> If we go with adding support for regexs for parameters I was thinking we might support optional validation of template values in UriBuilder.
Validation will not be trivial. The regex needs to be applied to the %-escaped param value, but that requires knowing which <reserved> chars to %-escape and which to leave raw. @Path currently implies a lenient rule that is simple for paths: %-escape ‘?’, ‘#’, and optionally ‘/’, but not the other 15 <reserved> chars. The URI template draft is quite different, saying %-escape all <reserved> chars.
> The issue though is that we are then diverging from the likely path of the URI template specification which is what gives me pause on the whole regex idea.
Divergence for the URI path matching syntax should not be an issue as the URI template draft spec is adamant that its templates “were not designed for that use case [URI path matching], nor are they appropriate for that purpose” [§1.3 Applicability].
Avoiding divergence for the UriBuilder syntax would be nice.
JAX-RS’s hassle is that it reuses the same @Path values for both tasks.
This reuse will always fall foul of Postel’s Law: “be liberal in what you accept, and conservative in what you send”.
@Path needs to be liberal as it is used to accept URIs from other parties.

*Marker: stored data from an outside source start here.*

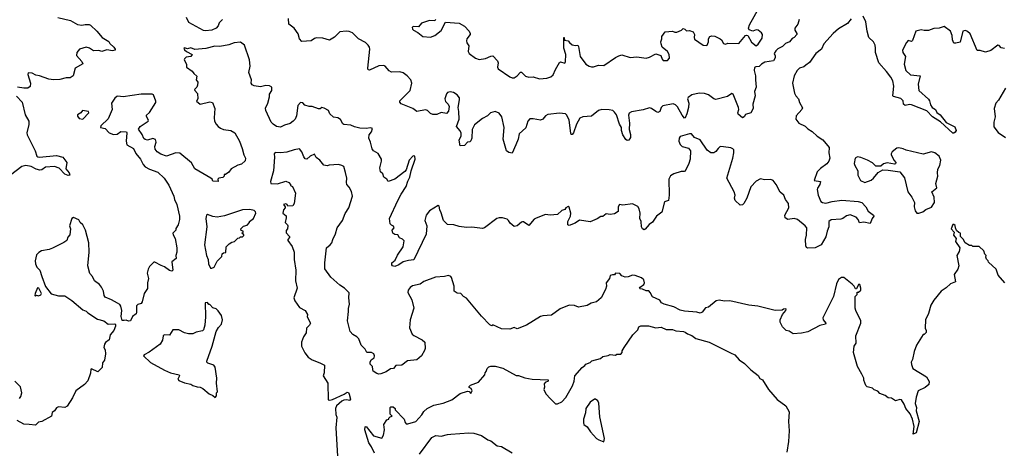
# Model space of a CAD drawing. Extents: x 2293878 to 2522763, y 823964 to 1006972.
# Tile 282 of 407: x 2424267 to 2433583, y 904400 to 908455. Entities that reach past the tile are written whole.
import ezdxf

# ---------------------------------------------------------------- set-up
doc = ezdxf.new("R2010")
doc.units = 0

msp = doc.modelspace()

# ---------------------------------------------------------------- linework, layer by layer
at = {"layer": '0CON20XD'}
for points in [[(2428202.5, 908455), (2428195, 908442.5), (2428145, 908446.2), (2428068.3, 908421.7), (2428041.7, 908388.3), (2427995, 908390), (2427980, 908385), (2427982.5, 908365), (2427992.5, 908355), (2428035, 908332.5), (2428080, 908295), (2428155, 908290), (2428195, 908306.7), (2428255, 908352.5), (2428295, 908432.5), (2428425, 908420.6), (2428475, 908394.2), (2428520, 908345), (2428530, 908325), (2428530, 908315), (2428497.5, 908275), (2428493.3, 908255), (2428497.5, 908235), (2428516.4, 908206.4), (2428511.2, 908155), (2428520, 908135), (2428580.5, 908090.5), (2428615, 908078.6), (2428675, 908088.1), (2428725, 908110.6), (2428745, 908112.5), (2428788.1, 908065), (2428793.3, 908045), (2428788.6, 908005), (2428795, 907991.2), (2428905, 907914.4), (2428925, 907905.7), (2428945, 907905.8), (2428975, 907922.5), (2429005, 907957.5), (2429015, 907957.5), (2429051.8, 907921.8), (2429085, 907909.4), (2429125, 907914.2), (2429185, 907894.4), (2429255, 907900), (2429290.8, 907915), (2429315, 907934.4), (2429336.6, 907983.4), (2429375, 908050), (2429385, 908056.7), (2429425, 908043.3), (2429432.5, 908055), (2429435.6, 908125), (2429415.6, 908185), (2429415, 908286.7), (2429420, 908285), (2429421.7, 908261.7), (2429455, 908255.8), (2429467.9, 908237.9), (2429495, 908218), (2429525, 908210), (2429547.5, 908215), (2429555, 908200), (2429570.8, 908105), (2429623.6, 908033.6), (2429655, 908013.8), (2429677.3, 908007.3), (2429695, 908007.5), (2429743.9, 908023.9), (2429795, 908020.8), (2429903.9, 908096.1), (2429936, 908114), (2429965, 908121.2), (2430044.1, 908095.9), (2430105, 908103.3), (2430195, 908090.9), (2430225, 908099.5), (2430285, 908132.5), (2430332.5, 908115), (2430345, 908080), (2430355, 908070), (2430395, 908070), (2430415, 908090), (2430411.2, 908125), (2430395, 908153.3), (2430346.2, 908195), (2430335.8, 908225), (2430332.9, 908245), (2430343.3, 908275), (2430342.5, 908295), (2430375, 908340), (2430445, 908346.7), (2430465, 908337.5), (2430485, 908336.7), (2430530, 908355), (2430545, 908370), (2430560, 908365), (2430575, 908350), (2430605, 908352.5), (2430639.3, 908339.3), (2430652.5, 908315), (2430647.5, 908285), (2430651.7, 908271.7), (2430735, 908213.3), (2430765, 908210), (2430772.5, 908215), (2430783.3, 908245), (2430783.8, 908275), (2430796.2, 908295), (2430815, 908302.9), (2430845, 908298.1), (2430893.8, 908275), (2430906.2, 908265), (2430925, 908230), (2430945, 908222.5), (2430966.4, 908233.6), (2431070.8, 908229.2), (2431135, 908306), (2431145, 908308.8), (2431156.7, 908305), (2431190.7, 908240.7), (2431235, 908207.5), (2431255, 908222.5), (2431291.2, 908278.8), (2431294.1, 908314.1), (2431285, 908330), (2431255, 908356.7), (2431235, 908360), (2431205, 908347.5), (2431169.2, 908359.2), (2431162.5, 908375), (2431171.5, 908405), (2431260, 908565)], [(2424627.5, 908475), (2424745.8, 908445.8), (2424815, 908410), (2424855, 908403.3)], [(2426185, 908455.5), (2426154.4, 908425), (2426145, 908397.5), (2426126.2, 908375), (2426085, 908356.5), (2426025, 908349.4), (2426005, 908352.5), (2425866.6, 908426.6), (2425845, 908474.2)], [(2433585, 908182.5), (2433555, 908188), (2433535, 908210), (2433522.5, 908215), (2433455, 908163.8), (2433405, 908147.5), (2433355, 908162.9), (2433325, 908164), (2433261.2, 908321.2), (2433235, 908344.2), (2433215, 908352.5), (2433192, 908345), (2433166.4, 908243.6), (2433125, 908232), (2433105, 908234), (2433093.3, 908265), (2433090.6, 908305), (2433072.9, 908345), (2433015, 908391.2), (2432966.1, 908373.9), (2432915, 908371.2), (2432866.1, 908353.9), (2432825, 908353.3), (2432795, 908360), (2432745, 908347.5), (2432715, 908257.5), (2432705, 908247.5), (2432673.6, 908256.4), (2432657.5, 908237.5), (2432620, 908165), (2432623.3, 908145), (2432648.8, 908105), (2432637.1, 908035), (2432651.1, 907975), (2432695, 907932.5), (2432786.7, 907925), (2432767.5, 907845), (2432774.4, 907785), (2432865, 907702.9), (2432875.9, 907685.9), (2432885, 907650), (2432901.2, 907625), (2432932, 907605), (2432945.7, 907575.7), (2432975.5, 907555.5), (2433032.1, 907482.1), (2433115, 907441.2), (2433126.7, 907405), (2433119.3, 907390.7), (2433105, 907380), (2433095, 907380), (2432979.1, 907489.1), (2432902.9, 907535), (2432851.5, 907591.5), (2432705, 907650), (2432685, 907653.3), (2432645, 907642.5), (2432630, 907655), (2432625.7, 907685.7), (2432605, 907708.8), (2432535, 907727.5), (2432527.5, 907735), (2432536.5, 907825), (2432527.1, 907875), (2432509.9, 907909.9), (2432469.1, 907965), (2432395.6, 908045), (2432363.2, 908145), (2432365.9, 908185.9), (2432360.3, 908215), (2432344.5, 908245), (2432302.9, 908285), (2432285.4, 908345), (2432273.1, 908435), (2432246.6, 908486.6)], [(2424855, 908403.3), (2424885, 908410), (2424925, 908410), (2424935, 908403.3), (2424998, 908345), (2425046.1, 908286.1), (2425108.5, 908248.5), (2425119.2, 908229.2), (2425156.2, 908195), (2425170, 908175), (2425170, 908165), (2425145, 908160), (2425091.2, 908168.8), (2425045, 908154.2), (2425015, 908164), (2424965, 908160.8), (2424926.8, 908186.8), (2424895, 908193.6), (2424831.2, 908175), (2424807.5, 908145), (2424803.8, 908115), (2424855, 908060), (2424862.5, 908037.5), (2424792.5, 907995), (2424773.8, 907925), (2424744.1, 907905.9), (2424705, 907904), (2424645, 907890), (2424585, 907887.1), (2424543.2, 907893.2), (2424455, 907924.4), (2424420.7, 907930.7), (2424385, 907950), (2424347.5, 907952.5), (2424342, 907935), (2424367.5, 907855), (2424365.9, 907824.1), (2424345, 907808), (2424305, 907806.2), (2424245, 907816.2)], [(2431642.5, 908455), (2431628.3, 908411.7), (2431600, 908375), (2431600, 908355), (2431620, 908325), (2431620, 908315), (2431595, 908287.5), (2431575, 908277.5), (2431550, 908245), (2431511.3, 908228.7), (2431485, 908201.2), (2431441.2, 908178.8), (2431420.3, 908159.7), (2431406.2, 908135), (2431416.1, 908113.9), (2431416.4, 908093.6), (2431398.8, 908065), (2431318.5, 908051.5), (2431286.2, 908033.8), (2431265, 908011.2), (2431230.7, 908009.3), (2431218.8, 908001.2), (2431216, 907975), (2431229.2, 907925), (2431227.5, 907885), (2431235.7, 907815), (2431220.8, 907775), (2431225.6, 907735), (2431203.8, 907655), (2431205.6, 907615), (2431185, 907572.5), (2431135, 907557.5), (2431123, 907537), (2431105, 907527.5), (2431065, 907561.2), (2431062, 907575), (2431071.2, 907605), (2431067.1, 907625), (2431018.9, 907748.9), (2431005, 907756.2), (2430965, 907727.3), (2430855, 907700), (2430835, 907705.6), (2430785.2, 907745.2), (2430745, 907756.7), (2430695, 907760.6), (2430625.8, 907745), (2430592.1, 907717.9), (2430585.5, 907705), (2430596.7, 907665), (2430596, 907625), (2430580.5, 907565), (2430565, 907526.7), (2430556.1, 907523.9), (2430535, 907550), (2430489.9, 907629.9), (2430470.5, 907650.5), (2430450.2, 907660.2), (2430350.8, 907639.2), (2430336.2, 907623.8), (2430322.3, 907587.7), (2430305, 907578.2), (2430285, 907585.4), (2430245.2, 907615.2), (2430225, 907620), (2430165, 907602.6), (2430055, 907582.9), (2430035, 907570.8), (2430028.3, 907551.7), (2430036, 907476), (2430032.7, 907415), (2430045, 907367.5), (2430045, 907340), (2430030, 907315), (2430015, 907312.5), (2430002.7, 907322.7), (2429975, 907366.2), (2429962.3, 907405), (2429960, 907435), (2429941.9, 907465), (2429913.8, 907553.8), (2429895, 907581.4), (2429878.8, 907595), (2429845, 907603.2), (2429774.7, 907605.3), (2429743.6, 907596.4), (2429677.7, 907542.3), (2429595, 907537.3), (2429568.1, 907521.9), (2429535.8, 907465), (2429508, 907385), (2429495, 907367.1), (2429485, 907368.8), (2429481.5, 907381.5), (2429466.8, 907505), (2429445, 907552.9), (2429430, 907565), (2429375, 907571.4), (2429265, 907559.1), (2429241.2, 907545), (2429217.2, 907512.8), (2429195, 907503.2), (2429125, 907517.2), (2429093.3, 907516.7), (2429075, 907496), (2429057.1, 907432.9), (2428993.7, 907376.3), (2428982.7, 907325), (2428961.5, 907271.5), (2428927.5, 907192.5), (2428895, 907197.5), (2428873.3, 907215), (2428841.8, 907325), (2428849.3, 907435), (2428828.9, 907535), (2428805, 907571.3), (2428765, 907585.8), (2428722.9, 907575), (2428694, 907546), (2428645, 907519.5), (2428569.7, 907460.3), (2428547.5, 907415), (2428546, 907335), (2428535, 907307.5), (2428525, 907298.8), (2428502.5, 907295), (2428476, 907264), (2428435, 907260), (2428424.2, 907315), (2428443.5, 907355), (2428445, 907382.5), (2428435, 907404), (2428401.2, 907445), (2428425.8, 907515), (2428422.5, 907585), (2428414.2, 907625), (2428429.6, 907695), (2428428.2, 907715), (2428406.1, 907745), (2428370, 907765), (2428338.5, 907771.5), (2428314.7, 907765.3), (2428305.3, 907754.7), (2428289.1, 907705), (2428295, 907681.4), (2428320.8, 907655), (2428329.2, 907635), (2428325, 907590), (2428305, 907567.5), (2428255, 907575.7), (2428215, 907558.8), (2428175, 907558), (2428155, 907566.2), (2428125, 907595.8), (2428105, 907601.9), (2428025, 907586.2), (2427985, 907616), (2427875, 907658.1), (2427865, 907673.3), (2427865, 907686), (2427960.9, 907785), (2427976.2, 907855), (2427966.8, 907885), (2427931.5, 907925), (2427895, 907951.1), (2427865, 907960), (2427785, 907958.2), (2427762, 907972), (2427725.7, 908015), (2427712, 908022), (2427665, 908018.9), (2427575, 907977.5), (2427565, 907980), (2427560, 907995), (2427578.2, 908175), (2427575.5, 908195), (2427565.2, 908215.2), (2427538.3, 908238.3), (2427472.9, 908272.9), (2427415, 908330), (2427385, 908343.3), (2427355, 908346.3), (2427295, 908338.9), (2427245, 908289.6), (2427197.5, 908262.5), (2427135, 908279.5), (2427075, 908282.5), (2427055, 908276.7), (2427025, 908254), (2426935, 908247.1), (2426915.6, 908275), (2426902.4, 908322.4), (2426863.8, 908375), (2426813.9, 908413.9), (2426811.2, 908465)], [(2432135, 908463.8), (2432100.3, 908419.7), (2432015, 908368.1), (2431962.9, 908325), (2431874.6, 908225.4), (2431854.2, 908175), (2431798.6, 908135), (2431741.1, 908048.9), (2431704.8, 908025.2)], [(2431704.8, 908025.2), (2431685, 908007.5), (2431644, 907995), (2431622.5, 907975), (2431596, 907925), (2431580, 907855), (2431598.3, 907758.3), (2431610, 907735), (2431637, 907707), (2431645, 907670), (2431672.3, 907622.3), (2431668, 907605), (2431613.9, 907546.1), (2431610, 907515), (2431640, 907475), (2431697.6, 907447.6), (2431725, 907421.2), (2431765, 907397.5), (2431813.6, 907353.6), (2431866.9, 907316.9), (2431927.1, 907245), (2431921.4, 907195), (2431932.9, 907145), (2431922.9, 907115), (2431905, 907091.4), (2431843.6, 907046.4), (2431811.4, 907015), (2431783.8, 906935), (2431842.5, 906925), (2431837.1, 906895), (2431815, 906860), (2431813.2, 906846.8), (2431821.1, 906795), (2431845.6, 906735), (2431863.8, 906725), (2431895, 906719.6), (2431955.3, 906734.7), (2432045, 906747.2), (2432200, 906735), (2432235.4, 906725.4), (2432274.3, 906685), (2432293.6, 906643.6), (2432346.7, 906605), (2432347.5, 906595), (2432333.3, 906575), (2432315, 906527.5), (2432255, 906539.2), (2432214.1, 906534.1), (2432200, 906565), (2432181.2, 906585), (2432125, 906609.1), (2432089.3, 906600.7), (2432056.2, 906575), (2432035, 906568.1), (2431945, 906562.2), (2431923.1, 906545), (2431922.9, 906495), (2431905.9, 906455), (2431895, 906399.4), (2431849.2, 906325), (2431795, 906295.7), (2431724.4, 906294.4), (2431710, 906300), (2431703.8, 906315), (2431702.7, 906375), (2431712.1, 906415), (2431714, 906485), (2431699.2, 906505), (2431625, 906565.7), (2431595, 906573.3), (2431535.4, 906565.4), (2431510, 906580), (2431505.4, 906605), (2431543.9, 906675), (2431540.4, 906715), (2431512.5, 906752.5), (2431496.4, 906795), (2431461.6, 906821.6), (2431424.4, 906895), (2431395, 906932), (2431375, 906942), (2431315, 906940.8), (2431275, 906950), (2431234, 906926), (2431184, 906875), (2431145.8, 906765), (2431119.2, 906715), (2431105, 906702), (2431085, 906700.8), (2431035, 906744), (2431030, 906765), (2431036.2, 906795), (2431027.7, 906827.7), (2430957.1, 906955), (2431015.4, 907145.4), (2431024.4, 907195), (2431022.5, 907222.5), (2431014.2, 907234.2), (2430995, 907242), (2430925, 907252.5), (2430895, 907253.8), (2430875, 907236.7), (2430855, 907207.5), (2430836.1, 907193.9), (2430805, 907193.8), (2430771.2, 907221.2), (2430705, 907316.7), (2430651.7, 907341.7), (2430623.6, 907373.6), (2430605, 907376), (2430515, 907350), (2430506, 907334), (2430503.9, 907306.1), (2430516.7, 907275), (2430536.4, 907256.4), (2430595, 907240), (2430613.3, 907215), (2430611.2, 907135), (2430598.8, 907095), (2430565, 907022.5), (2430555, 907017.5), (2430525, 907018.8), (2430455, 906996.7), (2430423.9, 906976.1), (2430410, 906945), (2430412.5, 906795), (2430407, 906743), (2430368, 906732), (2430344.2, 906635), (2430291.9, 906595), (2430255, 906538.8), (2430222.3, 906517.7), (2430185, 906472.5), (2430175, 906467.5), (2430160, 906475), (2430150, 906495), (2430146.7, 906545), (2430134, 906575), (2430138, 906625), (2430128, 906665), (2430115, 906686.7), (2430065, 906714.2), (2429975, 906700), (2429942.5, 906705), (2429930.8, 906685), (2429928.3, 906641.7), (2429895, 906617.5), (2429855, 906613.3), (2429815, 906617.5), (2429785, 906592.5), (2429765, 906592.5), (2429729.5, 906570.5), (2429665, 906543.3), (2429565, 906556.7), (2429521.7, 906528.3), (2429465, 906507.5), (2429453.6, 906513.6), (2429454.2, 906544.2), (2429478.8, 906595), (2429481.2, 906625), (2429465, 906680), (2429455, 906687.5), (2429433.6, 906676.4), (2429425, 906660), (2429395, 906650), (2429355, 906612.5), (2429285, 906606.7), (2429243, 906613), (2429155, 906577.5), (2429135, 906567.5), (2429085, 906507.5), (2429035, 906542.5), (2429025, 906542.5), (2429015, 906540), (2428975, 906504), (2428946.7, 906496.7), (2428908.3, 906528.3), (2428893.3, 906555), (2428878.3, 906568.3), (2428835, 906581.2), (2428805, 906581.2), (2428782.5, 906575), (2428665, 906486.7), (2428645, 906478.8), (2428545, 906491.2), (2428495, 906488.8), (2428425, 906496.7), (2428375, 906512.5), (2428315, 906517.5), (2428276.7, 906555), (2428255, 906627.5), (2428241.2, 906655), (2428235, 906690), (2428225, 906696.7), (2428145.6, 906645), (2428114.2, 906605), (2428099.2, 906555), (2428120, 906505), (2428114.2, 906425), (2427995, 906182.5), (2427945, 906176.7), (2427895, 906162.5), (2427855, 906136), (2427815, 906121.2), (2427793.3, 906125), (2427786.4, 906136.4), (2427788.8, 906155), (2427819.1, 906180.9), (2427842.4, 906227.6), (2427894, 906305), (2427903.3, 906363.3), (2427888.8, 906378.8), (2427860, 906390), (2427845, 906420), (2427815, 906422.5), (2427797.5, 906435), (2427792.5, 906465), (2427810, 906485), (2427805, 906500), (2427785, 906510), (2427772.5, 906525), (2427766.7, 906575), (2427844.2, 906745), (2427876, 906805), (2427925, 906876.7), (2427938, 906928), (2427958.1, 906965), (2427969.4, 907025), (2428007.5, 907135), (2428003.9, 907163.9), (2427995, 907168), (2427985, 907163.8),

UriBuilder needs to be conservative as it builds URIs to send to other parties (eg as HTTP requests).
A @Path {name} placeholder accepting most <reserved> chars (other than ‘?’, ‘#’ and optionally ‘/’) is a sensibly lenient rule.
UriBuilder %-escaping all non-<unreserved> chars in parameter values is a sensible conservative rule [though not the current rule].
Every time we try to add a useful feature to parsing (such limited=true/false) or to building (such as {-list|/|foo}) there will be pain if the two are tightly coupled.
> Currently '/' isn't classed as an illegal character but we could make it so if limited==true for the template parameter.
That helps a little, but it is not a clean solution. The limited=true/false feature can only currently be specified with an annotation. We would probably want to specify it directly with UriBuilder. For instance, add a new method
UriBuilder.fromPath(String path, boolean encode, boolean limited);
Alternatively, define build(MultivaluedMap values) now. For a limited=true placeholder only the first value is used. For a limited=false placeholder each value provides a single segment.
>> (or replaced by an empty string if the parameter is not defined).
> That is currently an error and I think it should stay that way.
That diverges from the URI templates draft that substitutes an empty string.
>> UriBuilder.isEncoded() does NOT apply to parameters passed to UriBuilder.build() – they always get encoded.
> I don't think that is necessary.
The URI templates draft finds it necessary. Without it, a param value can basically rewrite to whole URI (eg “/tag/{tags}” with tags=”../people” produces “/people” which is not what the template author was expecting.
>> • The name in {name} should be a valid Java identifier
> The former isn't far from where we are now.
>> Future versions of JAX-RS may give special meaning to other names, though implementations of this version of JAX-RS must treat them all the same.
>Current versions should flag an error for invalid names so an attempt to use an incompatible future template with a 1.0 implementation won't silently cause an application to break.
Maybe. My more lenient approach could cause “silent breakage”, but it also allows a v2.0 template to be used in a v1.0 implementation as long as the caller is aware of this and passes, say, the param “-list|/|foo” as well as “foo” to the v1.0 implementation.
>> UriBuilder.fromPath(FooResource.class.getAnnotation(Path.class).value());
> I don't like this, building URIs to resources seems like a pretty common use case and making it harder doesn't in the way you suggest is a step backwards.
I would like to keep fromResource(…), but not if URI matching and URI building interpret the same @Path value in inconsistent ways.